Thank you. Is the Tokyo RCA set superior/inferior to the later Harmonia Mundi? Or not much between them?


----------



## KenOC (Mar 7, 2011)

The later set is much more recent and has somewhat better sonics; but the sound on the earlier set is fine too. At the level of difference, it has little impact on my listening. I have only part of the Harmonia Mundi set, and the playing seems quite similar.


----------



## echmain (Jan 18, 2013)

Steve Wright said:


> PPS I think the only set for which I have read unadulterated praise (apart from the Alexanders, whom I've only learned about today) is the Cleveland Quartet. But they're perhaps just out of my budget:
> http://www.amazon.co.uk/Complete-Quartets-Cleveland-String-Quartet/dp/B000003D2W/ref=sr_1_1?ie=UTF8&qid=1426275134&sr=8-1&keywords=beethoven+complete+quartets+cleveland


Steve, I have this set and I love it. But the price you found is for the box set. You can buy the discs individually for much less if you don't mind used CDs. These are the current listings on Amazon. But you can probably also find them on eBay, etc.

http://amzn.com/B000003D0L -- Op 18 no 1, 2, 3
http://amzn.com/B000003D1H -- Op 18 no 4, 5
http://amzn.com/B000003CWF -- Op 18 no 6, Op 59 No 1
http://amzn.com/B000003CXH -- Op 59 no 2, 3
http://amzn.com/B000003CZQ -- Op 74, 95
http://amzn.com/B000003D1S -- Op 127, 131
http://amzn.com/B000003D1U -- Op 132, 135
http://amzn.com/B000003D1P -- Op 130, Op 133 (Grosse Fuge)

Unfortunately, that last one is a bit steep. If you search around I'm sure you can find it for much less. These discs aren't rarities.


----------



## Balthazar (Aug 30, 2014)

I have had the Amadeus set for ages and more recently acquired the Takács and the Alexander (Foghorn). 

Takács is the one I go to 90% of the time now. The playing is beautiful and the sound quality is out of this world.


----------



## Ukko (Jun 4, 2010)

Steve Wright said:


> PPS I think the only set for which I have read unadulterated praise (apart from the Alexanders, whom I've only learned about today) is the Cleveland Quartet. But they're perhaps just out of my budget:
> http://www.amazon.co.uk/Complete-Qu...eywords=beethoven+complete+quartets+cleveland


If the Cleveland has been getting 'unadulterated' praise, your reading is too limited.


----------



## Triplets (Sep 4, 2014)

hpowders said:


> Tokyo String Quartet on RCA for complete Beethoven Quartets. None better.

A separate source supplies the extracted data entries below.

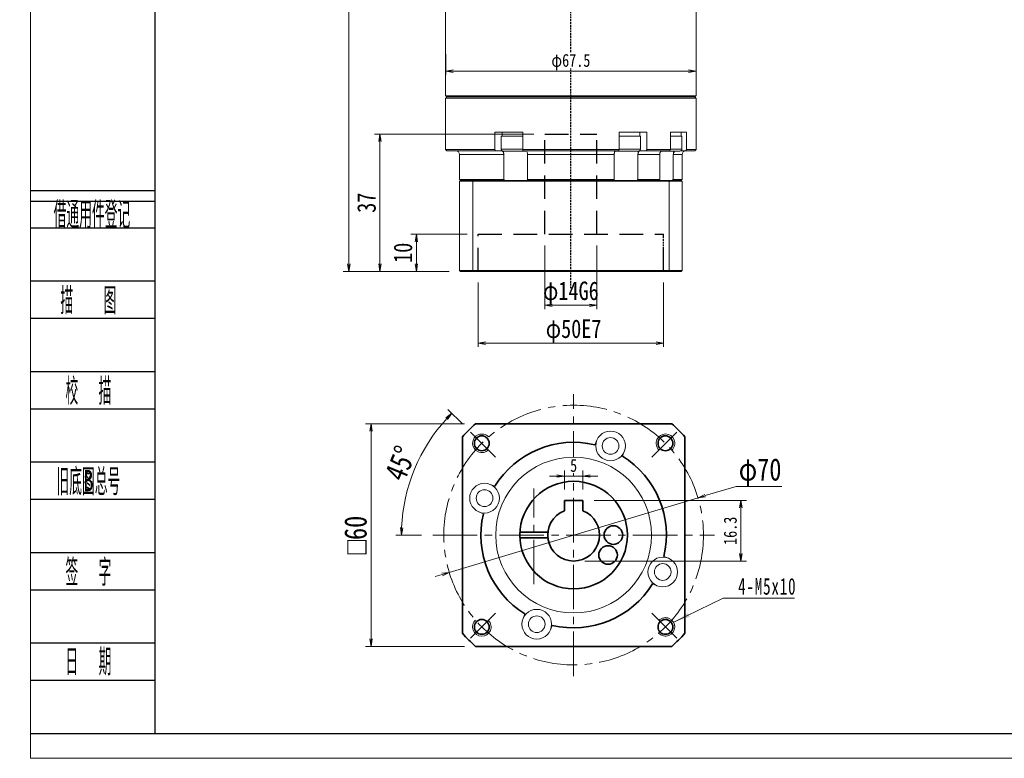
# Model space of a CAD drawing. Header units: millimetres. Extents: x -3 to 579, y 0 to 398.
# Tile 1 of 3: x -3 to 262, y 0 to 199. Entities that reach past the tile are written whole.
import ezdxf
from ezdxf.enums import TextEntityAlignment as Align

# ---------------------------------------------------------------- set-up
doc = ezdxf.new("R2010")
doc.units = ezdxf.units.MM
for name, pattern in [('DASHED', [0.75, 0.5, -0.25]), ('DASHED2', [9.525, 6.35, -3.175]), ('点画线', [18, 12, -2, 2, -2])]:
    doc.linetypes.add(name, pattern=pattern)
for name, color, linetype in [('2细线层', 4, 'Continuous'), ('4虚线层', 6, 'DASHED2'), ('6文字层', 3, 'Continuous')]:
    doc.layers.add(name, color=color, linetype=linetype)
for name, color, linetype, lineweight in [('EB0_1', 7, 'Continuous', 35), ('中心线层', 1, '点画线', 18), ('图框_外框线', 7, 'Continuous', 18), ('尺寸线层', 3, 'Continuous', 18), ('粗实线层', 7, 'Continuous', 35), ('细实线层', 7, 'Continuous', 18)]:
    doc.layers.add(name, color=color, linetype=linetype, lineweight=lineweight)
doc.styles.add('PC_TEXTSTYLE', font='ISOCP.SHX', dxfattribs={"width": 0.707, "bigfont": 'GBCBIG.SHX'})
doc.styles.get("Standard").update_dxf_attribs({"font": 'SimSun.ttf'})
doc.styles.add('宋体', font='SimSun.ttf', dxfattribs={"width": 0.8})
doc.styles.add('标准', font='txt', dxfattribs={"width": 0.667})
doc.dimstyles.new('A水平标注$0', dxfattribs={"dimtxt": 3.5, "dimasz": 2, "dimexe": 1.5, "dimexo": 3, "dimgap": 1.1, "dimtad": 1, "dimtoh": 1, "dimdec": 4, "dimdsep": 46, "dimtxsty": '宋体', "dimblk": 'OPEN', "dimcen": 3, "dimclrd": 3, "dimclre": 3, "dimclrt": 6, "dimadec": 0, "dimazin": 0, "dimtm": 1e-09, "dimtfac": 1, "dimtdec": 4, "dimtix": 1, "dimtmove": 0, "dimatfit": 3, "dimldrblk": 'OPEN', "dimfxl": 0, "dimlwd": 13, "dimlwe": 13, "dimarcsym": 0})
doc.dimstyles.new('D直径标注φ25', dxfattribs={"dimtxt": 3.5, "dimasz": 2, "dimexe": 1, "dimexo": 3, "dimtad": 1, "dimtoh": 1, "dimdec": 1, "dimdsep": 46, "dimtxsty": '宋体', "dimblk": 'OPEN', "dimcen": 3, "dimclrd": 3, "dimclre": 3, "dimclrt": 130, "dimadec": 0, "dimazin": 0, "dimtm": 1e-09, "dimtfac": 1, "dimtdec": 1, "dimtmove": 0, "dimatfit": 0, "dimldrblk": 'OPEN', "dimfxl": 0, "dimlwd": 13, "dimlwe": 13, "dimarcsym": 0})

# ---------------------------------------------------------------- blocks, each defined once
blk = doc.blocks.new('_Open')
at = {"color": 0, "linetype": 'ByBlock', "lineweight": -2}
for p, q in [((-1, 0.17), (0, 0)), ((-1, -0.17), (0, 0)), ((0, 0), (-1, 0))]:
    blk.add_line(p, q, dxfattribs=at)
blk = doc.blocks.new('*D10')
at = {"layer": 'Defpoints', "color": 0, "transparency": 16777216}
for p in [(119.93, 90.17), (91.77, 30.17), (119.93, 30.17)]:
    blk.add_point(p, dxfattribs=at)
at = {"layer": '尺寸线层', "color": 3, "lineweight": 13, "transparency": 16777216}
for p, q in [((116.93, 90.17), (90.27, 90.17)), ((91.77, 88.17), (91.77, 32.17)), ((116.93, 30.17), (90.27, 30.17))]:
    blk.add_line(p, q, dxfattribs=at)
at = {"layer": '尺寸线层', "color": 3, "lineweight": 13, "transparency": 16777216, "xscale": 2, "yscale": 2, "zscale": 2}
for p, rotation in [((91.77, 90.17), 90), ((91.77, 30.17), 270)]:
    blk.add_blockref('_Open', p, dxfattribs=dict(at, rotation=rotation))
at = {"layer": '尺寸线层', "color": 6, "transparency": 16777216, "insert": (87.63, 60.17), "char_height": 6, "attachment_point": 5, "rotation": 90, "style": '宋体', "bg_fill": 3, "box_fill_scale": 1.1, "bg_fill_color": 256, "bg_fill_true_color": 13158600, "bg_fill_transparency": 0}
blk.add_mtext('{\\famgdt|b0|i0|c0|p0;o}{60}', dxfattribs=at)
blk = doc.blocks.new('*D11')
at = {"layer": 'Defpoints', "color": 0, "transparency": 16777216}
for p in [(118.61, 87.94), (106.18, 83.38), (125.34, 81.21), (108.38, 60.17), (184.38, 60.17)]:
    blk.add_point(p, dxfattribs=at)
at = {"layer": '尺寸线层', "color": 3, "lineweight": 13, "transparency": 16777216}
for p, q in [((116.49, 90.06), (112.5, 94.05)), ((105.38, 60.17), (98.47, 60.17))]:
    blk.add_line(p, q, dxfattribs=at)
blk.add_arc((146.38, 60.17), 46.42, 137.4688, 177.5312, dxfattribs=at)
at = {"layer": '尺寸线层', "color": 3, "lineweight": 13, "transparency": 16777216, "xscale": 2, "yscale": 2, "zscale": 2}
for p, rotation in [((113.56, 92.99), 46.23442076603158), ((99.97, 60.17), 268.7655792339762)]:
    blk.add_blockref('_Open', p, dxfattribs=dict(at, rotation=rotation))
at = {"layer": '尺寸线层', "color": 6, "transparency": 16777216, "insert": (99.71, 79.5), "char_height": 6, "attachment_point": 5, "rotation": 67.5, "style": '宋体', "bg_fill": 3, "box_fill_scale": 1.1, "bg_fill_color": 256, "bg_fill_true_color": 13158600, "bg_fill_transparency": 0}
blk.add_mtext('45°', dxfattribs=at)
blk = doc.blocks.new('*D12')
at = {"layer": 'Defpoints', "color": 0, "transparency": 16777216}
for p in [(179.91, 70.21), (112.86, 50.12)]:
    blk.add_point(p, dxfattribs=at)
at = {"layer": '尺寸线层', "color": 3, "lineweight": 13, "transparency": 16777216}
for p, q in [((181.83, 70.79), (190.16, 73.28)), ((190.16, 73.28), (202.5, 73.28)), ((112.86, 50.12), (179.91, 70.21)), ((110.94, 49.54), (109.03, 48.97))]:
    blk.add_line(p, q, dxfattribs=at)
at = {"layer": '尺寸线层', "color": 3, "lineweight": 13, "transparency": 16777216, "xscale": 2, "yscale": 2, "zscale": 2}
for p, rotation in [((179.91, 70.21), 196.6820608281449), ((112.86, 50.12), 16.68206082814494)]:
    blk.add_blockref('_Open', p, dxfattribs=dict(at, rotation=rotation))
at = {"layer": '尺寸线层', "color": 130, "transparency": 16777216, "insert": (196.65, 77.04), "char_height": 6, "attachment_point": 5, "style": '宋体'}
blk.add_mtext('φ70', dxfattribs=at)
blk = doc.blocks.new('*X5')
at = {"layer": '尺寸线层', "linetype": 'Continuous'}
blk.add_hatch(color=0, dxfattribs=at).paths.add_polyline_path([(-15.04, -6.45), (-11.25, -3.97), (-10.75, -4.98)], flags=0)
at = {"layer": '尺寸线层', "color": 0, "linetype": 'Continuous'}
blk.add_line((-15.04, -6.45), (-1.81, 0), dxfattribs=at)
at = {"layer": '尺寸线层', "color": 0}
for p, q in [((-1.81, 0), (0, 0)), ((0, 0), (17.48, 0)), ((0, 0), (0, 0))]:
    blk.add_line(p, q, dxfattribs=at)
at = {"layer": '尺寸线层', "color": 0, "insert": (2.25, 0.9), "char_height": 4.5, "width": 30.4628, "attachment_point": 7, "line_spacing_factor": 1.15057, "style": '标准'}
blk.add_mtext('\\T1.1;4-M5x10', dxfattribs=at)
blk = doc.blocks.new('*D36')
at = {"layer": 'Defpoints', "color": 0, "transparency": 16777216}
for p in [(120.64, 131.25), (170.64, 131.25), (170.64, 111.87)]:
    blk.add_point(p, dxfattribs=at)
at = {"layer": '尺寸线层', "color": 3, "lineweight": 13, "transparency": 16777216}
for p, q in [((120.64, 128.25), (120.64, 110.87)), ((170.64, 128.25), (170.64, 110.87)), ((122.64, 111.87), (168.64, 111.87))]:
    blk.add_line(p, q, dxfattribs=at)
at = {"layer": '尺寸线层', "color": 3, "lineweight": 13, "transparency": 16777216, "xscale": 2, "yscale": 2, "zscale": 2, "rotation": 180}
blk.add_blockref('_Open', (120.64, 111.87), dxfattribs=at)
at = {"layer": '尺寸线层', "color": 3, "lineweight": 13, "transparency": 16777216, "xscale": 2, "yscale": 2, "zscale": 2}
blk.add_blockref('_Open', (170.64, 111.87), dxfattribs=at)
at = {"layer": '尺寸线层', "color": 130, "transparency": 16777216, "insert": (146.38, 115.11), "char_height": 5, "attachment_point": 5, "style": '宋体'}
blk.add_mtext('φ50E7', dxfattribs=at)
blk = doc.blocks.new('*D37')
at = {"layer": 'Defpoints', "color": 0, "transparency": 16777216}
for p in [(138.64, 141.25), (152.64, 141.25), (152.64, 122.09)]:
    blk.add_point(p, dxfattribs=at)
at = {"layer": '尺寸线层', "color": 3, "lineweight": 13, "transparency": 16777216}
for p, q in [((138.64, 138.25), (138.64, 121.09)), ((152.64, 138.25), (152.64, 121.09)), ((140.64, 122.09), (150.64, 122.09))]:
    blk.add_line(p, q, dxfattribs=at)
at = {"layer": '尺寸线层', "color": 3, "lineweight": 13, "transparency": 16777216, "xscale": 2, "yscale": 2, "zscale": 2, "rotation": 180}
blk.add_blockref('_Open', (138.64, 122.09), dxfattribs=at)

Not to disparage the Tokyo, whose recording I own, but I would place them well behind every other set that I own. Nicely recorded, however.


----------



## Albert7 (Nov 16, 2014)

1) Emerson String Quartet
2) Takacs Quartet
3) Belcea Quartet
4) Tokyo String Quartet
5) Busch Quartet (in mono however).


----------



## GKC (Jun 2, 2011)

Steve Wright said:


> Thanks! So far I've got one vote for each of the Tokyo recordings (RCA and Harmonia Mundi). Anyone else have a preference there?


Tokyo on RCA, hands down.

Best thing to do though is get yourself a good turntable and cartridge and look for Philips LPs of the Quartetto Italiano on Ebay . Amazing.


----------



## Mandryka (Feb 22, 2013)

Triplets said:


> Not to disparage the Tokyo, whose recording I own, but I would place them well behind every other set that I own. Nicely recorded, however.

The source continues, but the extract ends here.